I observed this property in month of July this year but unable to design a mathematical proof or mathematical way to state my observation. I need help to state this property.
We know that for certain values of 'b' in s = 1/2 + ib , ζ(s) = 0.
When I observed most of the values of 'b' here
I found that most of the primes are related to these values of 'b' in there square forms like:
Property: [b] = p^2 {where 'p' is a prime number and [b] is the Box Function}
example: b = 841.0363...
so, [841.0363...] = 29^2
below 200 there are only 6 primes which are not following the this above property.
I am searching a formula or a program to find out all those primes which follow above property but till now I didn't got any solution. I am also not good in programming please help me in this problem.
The $n$th zeta zero has $b(n) \sim 2\pi n/W(n/e)$, where $W$ is the Lambert function. The Lambert function grows as roughly the logarithm of its argument, so we see that the zeta zeroes get denser as $n$ increases, and at $n \approx 10^4$, their imaginary parts should start hitting every integer. This turns out to be the case, as the last square of a prime it misses is $103^2 = 10609$.

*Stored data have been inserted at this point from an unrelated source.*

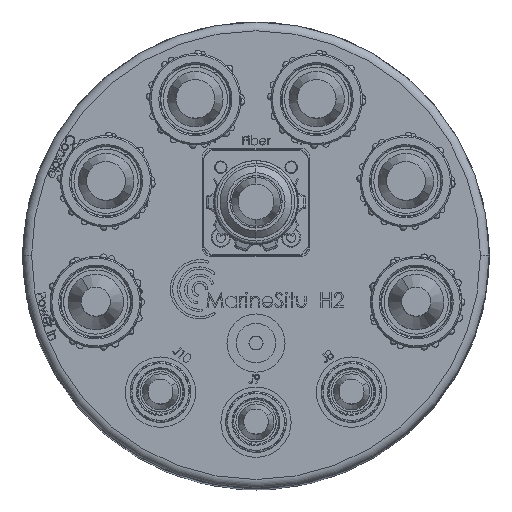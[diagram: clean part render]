
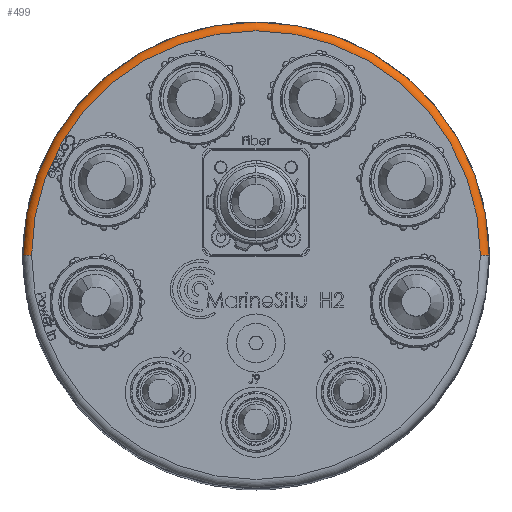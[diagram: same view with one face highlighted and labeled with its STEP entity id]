
A CAD part, top view. The second image highlights one B-rep face of the part: STEP entity #499.
In plain terms, the highlighted toroidal (fillet/blend) face has major radius 81.026 mm and minor radius 3.175 mm.
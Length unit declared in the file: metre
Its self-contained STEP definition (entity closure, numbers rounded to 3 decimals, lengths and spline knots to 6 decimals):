
#344 = DIRECTION ( 'NONE',  ( 0., 0., -1. ) ) ;
#499 = ADVANCED_FACE ( 'NONE', ( #9639 ), #74541, .T. ) ;
#972 = DIRECTION ( 'NONE',  ( 0., -1., 0. ) ) ;
#3509 = EDGE_CURVE ( 'NONE', #101768, #67025, #27595, .T. ) ;
#5141 = CARTESIAN_POINT ( 'NONE',  ( -0.081026, 0., 0.174625 ) ) ;
#7033 = EDGE_CURVE ( 'NONE', #91138, #90616, #63804, .T. ) ;
#9639 = FACE_OUTER_BOUND ( 'NONE', #121591, .T. ) ;
#20665 = ORIENTED_EDGE ( 'NONE', *, *, #48380, .F. ) ;
#27595 = CIRCLE ( 'NONE', #32202, 0.003175 ) ;
#32202 = AXIS2_PLACEMENT_3D ( 'NONE', #70485, #972, #34991 ) ;
#34991 = DIRECTION ( 'NONE',  ( 0., 0., -1. ) ) ;
#36189 = ORIENTED_EDGE ( 'NONE', *, *, #100834, .F. ) ;
#46704 = CIRCLE ( 'NONE', #65876, 0.084201 ) ;
#48380 = EDGE_CURVE ( 'NONE', #67025, #90616, #58306, .T. ) ;
#58306 = CIRCLE ( 'NONE', #110203, 0.081026 ) ;
#63804 = CIRCLE ( 'NONE', #80361, 0.003175 ) ;
#64845 = ORIENTED_EDGE ( 'NONE', *, *, #7033, .T. ) ;
#65876 = AXIS2_PLACEMENT_3D ( 'NONE', #101679, #344, #99503 ) ;
#67025 = VERTEX_POINT ( 'NONE', #115641 ) ;
#70485 = CARTESIAN_POINT ( 'NONE',  ( 0.081026, 0., 0.174625 ) ) ;
#74541 = TOROIDAL_SURFACE ( 'NONE', #100600, 0.081026, 0.003175 ) ;
#80361 = AXIS2_PLACEMENT_3D ( 'NONE', #5141, #127157, #114605 ) ;
#80640 = CARTESIAN_POINT ( 'NONE',  ( 0., 0., 0.174625 ) ) ;
#85592 = CARTESIAN_POINT ( 'NONE',  ( -0.084201, 0., 0.174625 ) ) ;
#86312 = DIRECTION ( 'NONE',  ( 0., 0., 1. ) ) ;
#90616 = VERTEX_POINT ( 'NONE', #142907 ) ;
#91138 = VERTEX_POINT ( 'NONE', #85592 ) ;
#92464 = DIRECTION ( 'NONE',  ( 1., 0., 0. ) ) ;
#93211 = DIRECTION ( 'NONE',  ( 0., 0., 1. ) ) ;
#94687 = CARTESIAN_POINT ( 'NONE',  ( 0., 0., 0.1778 ) ) ;
#98616 = CARTESIAN_POINT ( 'NONE',  ( 0.084201, 0., 0.174625 ) ) ;
#99503 = DIRECTION ( 'NONE',  ( 1., 0., 0. ) ) ;
#100600 = AXIS2_PLACEMENT_3D ( 'NONE', #80640, #93211, #92464 ) ;
#100834 = EDGE_CURVE ( 'NONE', #91138, #101768, #46704, .T. ) ;
#101679 = CARTESIAN_POINT ( 'NONE',  ( 0., 0., 0.174625 ) ) ;
#101768 = VERTEX_POINT ( 'NONE', #98616 ) ;
#104989 = ORIENTED_EDGE ( 'NONE', *, *, #3509, .F. ) ;
#110203 = AXIS2_PLACEMENT_3D ( 'NONE', #94687, #86312, #144003 ) ;
#114605 = DIRECTION ( 'NONE',  ( -1., 0., 0. ) ) ;
#115641 = CARTESIAN_POINT ( 'NONE',  ( 0.081026, 0., 0.1778 ) ) ;
#121591 = EDGE_LOOP ( 'NONE', ( #36189, #64845, #20665, #104989 ) ) ;
#127157 = DIRECTION ( 'NONE',  ( 0., 1., 0. ) ) ;
#142907 = CARTESIAN_POINT ( 'NONE',  ( -0.081026, 0., 0.1778 ) ) ;
#144003 = DIRECTION ( 'NONE',  ( 1., 0., 0. ) ) ;
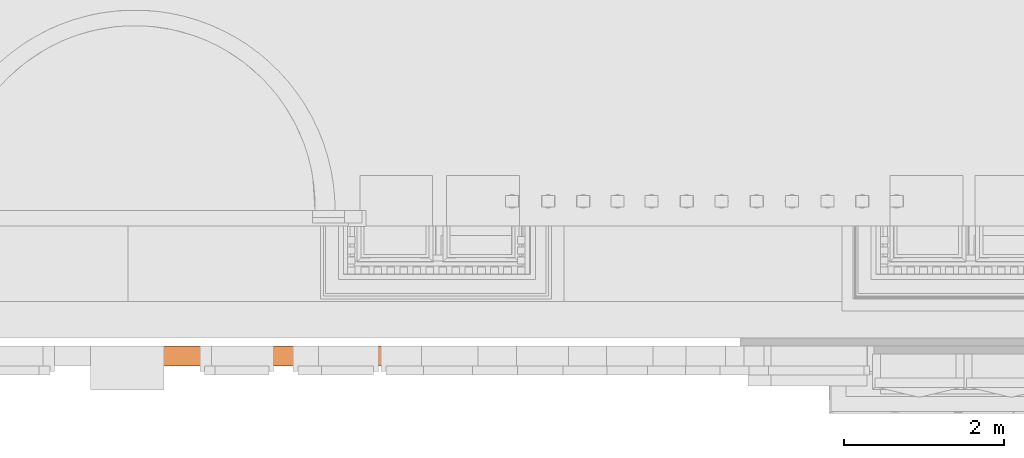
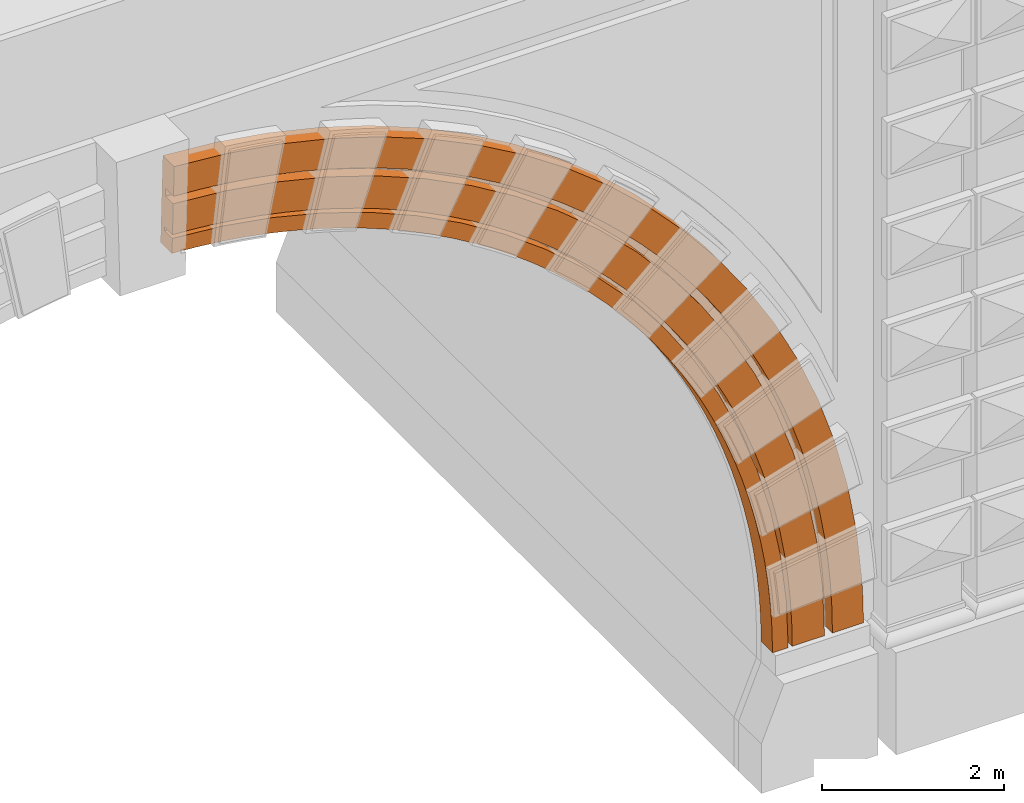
# One storey, part 36 of 44: 1 proxy.
"""IFC2X3 building model written with IfcOpenShell, lengths in metres."""

from ifc_helpers import new_model, entity, si_unit, converted_unit, derived_unit, direction, frame, origin, place, context, subcontext, project, spatial, faceted_brep, material, element, save


model = new_model("IFC2X3")

# Units and contexts
model_context = context("Model", 3, precision=1e-05, world=origin(), true_north=direction((6.12303176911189e-17, 1.0)))
body_context = subcontext(model_context, "Body", "Model", "MODEL_VIEW")
ifc_project = project(units=[si_unit("LENGTHUNIT", "METRE"), si_unit("AREAUNIT", "SQUARE_METRE"), si_unit("VOLUMEUNIT", "CUBIC_METRE"), converted_unit("PLANEANGLEUNIT", "DEGREE", entity("IfcRatioMeasure", 0.0174532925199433), si_unit("PLANEANGLEUNIT", "RADIAN"), dimensions=[0, 0, 0, 0, 0, 0, 0]), si_unit("MASSUNIT", "GRAM", prefix="KILO"), derived_unit("MASSDENSITYUNIT", [(si_unit("MASSUNIT", "GRAM", prefix="KILO"), 1), (si_unit("LENGTHUNIT", "METRE"), -3)]), si_unit("TIMEUNIT", "SECOND"), si_unit("FREQUENCYUNIT", "HERTZ"), si_unit("THERMODYNAMICTEMPERATUREUNIT", "DEGREE_CELSIUS"), derived_unit("THERMALTRANSMITTANCEUNIT", [(si_unit("MASSUNIT", "GRAM", prefix="KILO"), 1), (si_unit("THERMODYNAMICTEMPERATUREUNIT", "KELVIN"), -1), (si_unit("TIMEUNIT", "SECOND"), -3)]), derived_unit("VOLUMETRICFLOWRATEUNIT", [(si_unit("LENGTHUNIT", "METRE"), 3), (si_unit("TIMEUNIT", "SECOND"), -1)]), si_unit("ELECTRICCURRENTUNIT", "AMPERE"), si_unit("ELECTRICVOLTAGEUNIT", "VOLT"), si_unit("POWERUNIT", "WATT"), si_unit("FORCEUNIT", "NEWTON", prefix="KILO"), si_unit("ILLUMINANCEUNIT", "LUX"), si_unit("LUMINOUSFLUXUNIT", "LUMEN"), si_unit("LUMINOUSINTENSITYUNIT", "CANDELA"), derived_unit("USERDEFINED", [(si_unit("MASSUNIT", "GRAM", prefix="KILO"), -1), (si_unit("LENGTHUNIT", "METRE"), -2), (si_unit("TIMEUNIT", "SECOND"), 3), (si_unit("LUMINOUSFLUXUNIT", "LUMEN"), 1)]), derived_unit("LINEARVELOCITYUNIT", [(si_unit("LENGTHUNIT", "METRE"), 1), (si_unit("TIMEUNIT", "SECOND"), -1)]), si_unit("PRESSUREUNIT", "PASCAL"), derived_unit("USERDEFINED", [(si_unit("LENGTHUNIT", "METRE"), -2), (si_unit("MASSUNIT", "GRAM", prefix="KILO"), 1), (si_unit("TIMEUNIT", "SECOND"), -2)])], contexts=[model_context])

# Site, building, storey
site_placement = place(None, origin())
site = spatial("IfcSite", under=ifc_project, at=site_placement, Name="Default", CompositionType="ELEMENT")
building_placement = place(site_placement, origin())
building = spatial("IfcBuilding", under=site, at=building_placement, CompositionType="ELEMENT")
storey_placement = place(building_placement, origin())
storey = spatial("IfcBuildingStorey", under=building, at=storey_placement, Name="Livello 1", CompositionType="ELEMENT", Elevation=0.0)

# Proxy
ifc_material = material(Name="Travertino")
proxy_placement = place(storey_placement, frame((0.330023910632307, -0.484467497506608, 1.63453645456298)))
element("IfcBuildingElementProxy", 1, at=proxy_placement, inside=storey, material=ifc_material, Name="Stratigrafia", context=body_context, shape_type="Brep", body=[
    faceted_brep([(3.66785024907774, 0.0, 7.15240246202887), (3.84039615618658, 0.0, 6.81641642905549), (4.21215010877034, 0.0, 6.81287864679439), (3.57181402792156, 0.0, 6.97693078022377), (3.09877038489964, 0.0, 7.44852214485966), (2.73146384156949, 0.0, 7.39410196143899), (3.01692706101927, 0.0, 7.26599276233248), (3.2971854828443, 0.0, 7.12686536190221), (4.10252449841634, 0.0, 6.6455657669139), (4.84626354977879, 0.0, 6.07366328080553), (5.07870777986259, 0.0, 5.8642094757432), (5.21336506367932, 0.0, 6.01211296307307), (5.30282002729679, 0.0, 5.64586360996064), (5.87594781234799, 0.0, 5.31471735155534), (5.54465643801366, 0.0, 5.6634151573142), (4.72836616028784, 0.0, 6.43201154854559), (4.35780147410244, 0.0, 6.46463792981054), (4.6058398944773, 0.0, 6.27390733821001), (0.645545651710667, 0.0, 8.1671808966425), (0.934099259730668, 0.0, 7.92169843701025), (1.27801837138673, 0.0, 8.05986352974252), (0.624683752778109, 0.0, 7.96820930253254), (0.00663778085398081, 0.0, 8.22493460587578), (0.0015952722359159, 0.0, 8.02492897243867), (0.313691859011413, 0.0, 8.00263688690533), (1.24146907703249, 0.0, 7.86317483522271), (2.14666214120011, 0.0, 7.61650552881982), (2.44122879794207, 0.0, 7.51099865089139), (2.50836473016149, 0.0, 7.69944030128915), (1.90021694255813, 0.0, 7.90363390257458), (1.54632700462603, 0.0, 7.79272726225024), (1.84821065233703, 0.0, 7.71046256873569), (7.59548196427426, 0.0, 1.90913307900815), (7.40110790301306, 0.0, 1.86202278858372), (7.46762192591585, 0.0, 1.55628253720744), (7.32273942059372, 0.0, 2.16494125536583), (7.13093233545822, 0.0, 2.7604800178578), (7.23263534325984, 0.0, 2.46457848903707), (7.42267025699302, 0.0, 2.52693148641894), (7.2022874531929, 0.0, 3.12940155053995), (7.52218060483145, 0.0, 1.24818422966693), (7.71967363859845, 0.0, 1.27975625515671), (7.79449145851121, 0.0, 0.642621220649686), (7.59511918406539, 0.0, 0.626785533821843), (7.61338845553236, 0.0, 0.314427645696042), (7.61948129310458, 0.0, 0.00159527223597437), (7.81948129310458, 0.0, 0.0015952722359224), (7.56470118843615, 0.0, 0.938195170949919), (6.10935103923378, 0.0, 4.69037463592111), (6.28697494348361, 0.0, 4.43278782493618), (6.27048262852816, 0.0, 4.80887050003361), (6.62443992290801, 0.0, 4.27384433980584), (5.9218319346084, 0.0, 4.94084978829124), (5.51826037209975, 0.0, 5.4189568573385), (5.72470204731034, 0.0, 5.18383337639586), (6.93567123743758, 0.0, 3.71288638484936), (6.75785883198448, 0.0, 3.62131472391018), (6.89336391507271, 0.0, 3.33928708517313), (7.01778465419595, 0.0, 3.05219703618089), (6.4544342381, 0.0, 4.16848004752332), (6.61147493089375, 0.0, 3.89785218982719), (4.36569528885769, 0.0, 7.26375401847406), (3.80937170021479, 0.0, 7.12791318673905), (4.0795670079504, 0.0, 6.96067453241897), (3.80012832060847, 0.0, 7.60595490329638), (3.21019697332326, 0.0, 7.90419716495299), (2.96313095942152, 0.0, 7.56581027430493), (3.25074270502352, 0.0, 7.4307038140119), (3.53296136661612, 0.0, 7.28466649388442), (4.34314973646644, 0.0, 6.78319659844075), (4.84893646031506, 0.0, 6.39858210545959), (5.09039626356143, 0.0, 6.19201145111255), (5.41081830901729, 0.0, 6.45563171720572), (5.32375619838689, 0.0, 5.97633249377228), (5.8843328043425, 0.0, 5.99438182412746), (4.90362849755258, 0.0, 6.87957267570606), (4.59973206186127, 0.0, 6.59574051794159), (5.54867290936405, 0.0, 5.75186257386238), (0.264396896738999, 0.0, 8.2578416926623), (0.520241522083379, 0.0, 8.23279758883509), (0.676726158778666, 0.0, 8.62710915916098), (0.835230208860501, 0.0, 8.19088817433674), (1.14837988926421, 0.0, 8.13692939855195), (1.32890413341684, 0.0, 8.51926051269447), (0.00789839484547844, 0.0, 8.27493549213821), (0.018239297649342, 0.0, 8.6850961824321), (1.45922980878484, 0.0, 8.07100065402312), (2.59931147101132, 0.0, 8.1567567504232), (2.07220493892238, 0.0, 7.90363874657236), (2.37342824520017, 0.0, 7.8024518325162), (2.67054930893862, 0.0, 7.68978708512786), (1.76732259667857, 0.0, 7.99319894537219), (1.97100316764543, 0.0, 8.36217368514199), (7.77214940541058, 0.0, 1.26774898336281), (7.8146850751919, 0.0, 0.952844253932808), (8.17926893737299, 0.0, 1.31889137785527), (7.71756805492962, 0.0, 1.58079075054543), (7.38065520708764, 0.0, 2.80517159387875), (7.48244088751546, 0.0, 2.504150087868), (7.880467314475, 0.0, 2.60577185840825), (7.57260715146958, 0.0, 2.19944643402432), (7.65102133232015, 0.0, 1.89150895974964), (8.05434652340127, 0.0, 1.96801527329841), (8.25451241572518, 0.0, 0.6621525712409), (7.84511247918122, 0.0, 0.636539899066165), (7.86338684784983, 0.0, 0.319301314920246), (7.86948129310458, 0.0, 0.00159527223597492), (8.27964199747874, 0.0, 0.00159527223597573), (7.65863645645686, 0.0, 3.22847444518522), (6.32143473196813, 0.0, 5.49848934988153), (6.16951939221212, 0.0, 5.029071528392), (6.71959733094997, 0.0, 4.97082090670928), (6.3574853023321, 0.0, 4.77286245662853), (6.5354870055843, 0.0, 4.50963315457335), (5.7648154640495, 0.0, 5.5189319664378), (5.97186583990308, 0.0, 5.27788339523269), (6.7032625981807, 0.0, 4.23977092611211), (7.07651893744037, 0.0, 4.41442679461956), (7.39013628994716, 0.0, 3.83252336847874), (7.00716343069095, 0.0, 3.68174511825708), (7.14284152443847, 0.0, 3.39440259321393), (7.26739987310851, 0.0, 3.10206804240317), (6.86056522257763, 0.0, 3.96367283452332), (3.84709909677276, 0.0, 7.69425371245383), (4.13651140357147, 0.0, 7.52664900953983), (4.45633182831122, 0.0, 7.7917055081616), (4.41934168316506, 0.0, 7.3481613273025), (5.01080087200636, 0.0, 7.41622764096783), (3.27284904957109, 0.0, 8.41673717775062), (3.2502115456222, 0.0, 7.99586068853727), (3.55152332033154, 0.0, 7.85073304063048), (3.8759869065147, 0.0, 8.1258002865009), (4.69518089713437, 0.0, 7.15904880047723), (5.47681686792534, 0.0, 6.53077159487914), (5.72081220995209, 0.0, 6.30204229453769), (6.03048249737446, 0.0, 6.5493104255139), (5.95593425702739, 0.0, 6.06420108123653), (6.49027826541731, 0.0, 6.06247636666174), (5.53644855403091, 0.0, 7.00136132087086), (4.96363011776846, 0.0, 6.95958492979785), (5.2243011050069, 0.0, 6.7500581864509), (0.354416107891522, 0.0, 8.7621877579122), (0.686959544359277, 0.0, 8.72661132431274), (0.697903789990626, 0.0, 9.12159776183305), (1.01790980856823, 0.0, 8.67841648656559), (1.34678826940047, 0.0, 8.61767294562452), (1.35922085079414, 0.0, 9.01633953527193), (0.0207604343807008, 0.0, 8.7850943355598), (0.0306765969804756, 0.0, 9.17840816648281), (1.67311929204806, 0.0, 8.54446855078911), (2.65012228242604, 0.0, 8.66297064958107), (2.31625558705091, 0.0, 8.36111854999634), (2.63213073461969, 0.0, 8.25123811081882), (2.94359953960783, 0.0, 8.12942676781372), (1.99643092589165, 0.0, 8.45890917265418), (2.01111469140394, 0.0, 8.86319264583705), (8.22111911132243, 0.0, 1.66384105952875), (8.2780771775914, 0.0, 1.33428590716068), (8.68665528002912, 0.0, 1.25801531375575), (8.32246354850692, 0.0, 1.00280337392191), (8.35421403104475, 0.0, 0.669872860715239), (8.75399471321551, 0.0, 0.591768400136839), (8.19725808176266, 0.0, 3.20274826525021), (7.86948742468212, 0.0, 2.95331184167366), (7.97572865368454, 0.0, 2.63619416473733), (8.06983545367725, 0.0, 2.3152662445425), (8.15167172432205, 0.0, 1.99099221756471), (8.40754561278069, 0.0, 2.56698203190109), (8.57096739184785, 0.0, 1.91758779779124), (8.37328270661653, 0.0, 0.335975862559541), (8.37964199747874, 0.0, 0.00159527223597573), (8.76822451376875, 0.0, 0.296834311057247), (8.77296941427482, 0.0, 0.00159527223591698), (6.60472731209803, 0.0, 5.2995085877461), (6.80109135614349, 0.0, 5.02878366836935), (6.91339330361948, 0.0, 5.54344533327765), (7.29757991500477, 0.0, 4.99497455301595), (6.98701977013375, 0.0, 4.75078826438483), (6.18184296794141, 0.0, 5.81759192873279), (6.39821162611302, 0.0, 5.56257149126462), (7.16224365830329, 0.0, 4.46592442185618), (7.62123360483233, 0.0, 3.57428813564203), (7.75126541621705, 0.0, 3.26616064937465), (7.94122190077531, 0.0, 3.82150914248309), (7.47958004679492, 0.0, 3.8772486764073), (7.64079720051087, 0.0, 4.4199776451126), (7.32650960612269, 0.0, 4.1746041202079), (8.77296941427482, 0.25, 0.00159527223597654), (7.61948129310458, 0.25, 0.00159527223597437), (7.61338845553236, 0.25, 0.314427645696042), (7.59511918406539, 0.25, 0.626785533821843), (7.56470118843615, 0.25, 0.938195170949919), (7.52218060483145, 0.25, 1.24818422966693), (7.46762192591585, 0.25, 1.55628253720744), (7.40110790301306, 0.25, 1.86202278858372), (7.32273942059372, 0.25, 2.16494125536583), (7.23263534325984, 0.25, 2.46457848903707), (7.13093233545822, 0.25, 2.7604800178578), (7.01778465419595, 0.25, 3.05219703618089), (6.89336391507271, 0.25, 3.33928708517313), (6.75785883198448, 0.25, 3.62131472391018), (6.61147493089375, 0.25, 3.89785218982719), (6.4544342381, 0.25, 4.16848004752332), (6.28697494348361, 0.25, 4.43278782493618), (6.10935103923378, 0.25, 4.69037463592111), (5.9218319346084, 0.25, 4.94084978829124), (5.72470204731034, 0.25, 5.18383337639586), (5.51826037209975, 0.25, 5.4189568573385), (5.30282002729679, 0.25, 5.64586360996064), (5.07870777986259, 0.25, 5.8642094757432), (4.84626354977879, 0.25, 6.07366328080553), (4.6058398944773, 0.25, 6.27390733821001), (4.35780147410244, 0.25, 6.46463792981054), (4.10252449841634, 0.25, 6.6455657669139), (3.84039615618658, 0.25, 6.81641642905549), (3.57181402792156, 0.25, 6.97693078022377), (3.2971854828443, 0.25, 7.12686536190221), (3.01692706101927, 0.25, 7.26599276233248), (2.73146384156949, 0.25, 7.39410196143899), (2.44122879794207, 0.25, 7.51099865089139), (2.14666214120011, 0.25, 7.61650552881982), (1.84821065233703, 0.25, 7.71046256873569), (1.54632700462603, 0.25, 7.79272726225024), (1.24146907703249, 0.25, 7.86317483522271), (0.934099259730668, 0.25, 7.92169843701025), (0.624683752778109, 0.25, 7.96820930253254), (0.313691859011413, 0.25, 8.00263688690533), (0.0015952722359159, 0.25, 8.02492897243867), (0.0306765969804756, 0.25, 9.17840816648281), (0.69790378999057, 0.25, 9.12159776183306), (1.35922085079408, 0.25, 9.01633953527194), (2.01111469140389, 0.25, 8.86319264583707), (2.65012228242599, 0.25, 8.66297064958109), (3.27284904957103, 0.25, 8.41673717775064), (3.87598690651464, 0.25, 8.12580028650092), (4.45633182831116, 0.25, 7.79170550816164), (5.01080087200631, 0.25, 7.41622764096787), (5.53644855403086, 0.25, 7.0013613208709), (6.03048249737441, 0.25, 6.54931042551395), (6.49027826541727, 0.25, 6.06247636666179), (6.91339330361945, 0.25, 5.5434453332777), (7.29757991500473, 0.25, 4.994974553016), (7.64079720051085, 0.25, 4.41997764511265), (7.94122190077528, 0.25, 3.82150914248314), (8.19725808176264, 0.25, 3.20274826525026), (8.40754561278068, 0.25, 2.56698203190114), (8.57096739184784, 0.25, 1.9175877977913), (8.68665528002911, 0.25, 1.25801531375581), (8.7539947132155, 0.25, 0.591768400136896), (8.76822451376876, 0.25, 0.296834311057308), (0.0207604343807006, 0.170061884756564, 8.78509433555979), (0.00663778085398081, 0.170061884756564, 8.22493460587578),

We can also estimate the probability of each square of a prime not having a zeta zero near it. The density of zeta zeroes is $W(n/e)/(2\pi)$, so we expect each square of a prime to not be near a zeta zero with probability $1 - W(p^2/e)/(2\pi)$. Summing this over all primes where this value is positive, we get an expected count of $7.7$, which is reasonably close to the actual value of 6.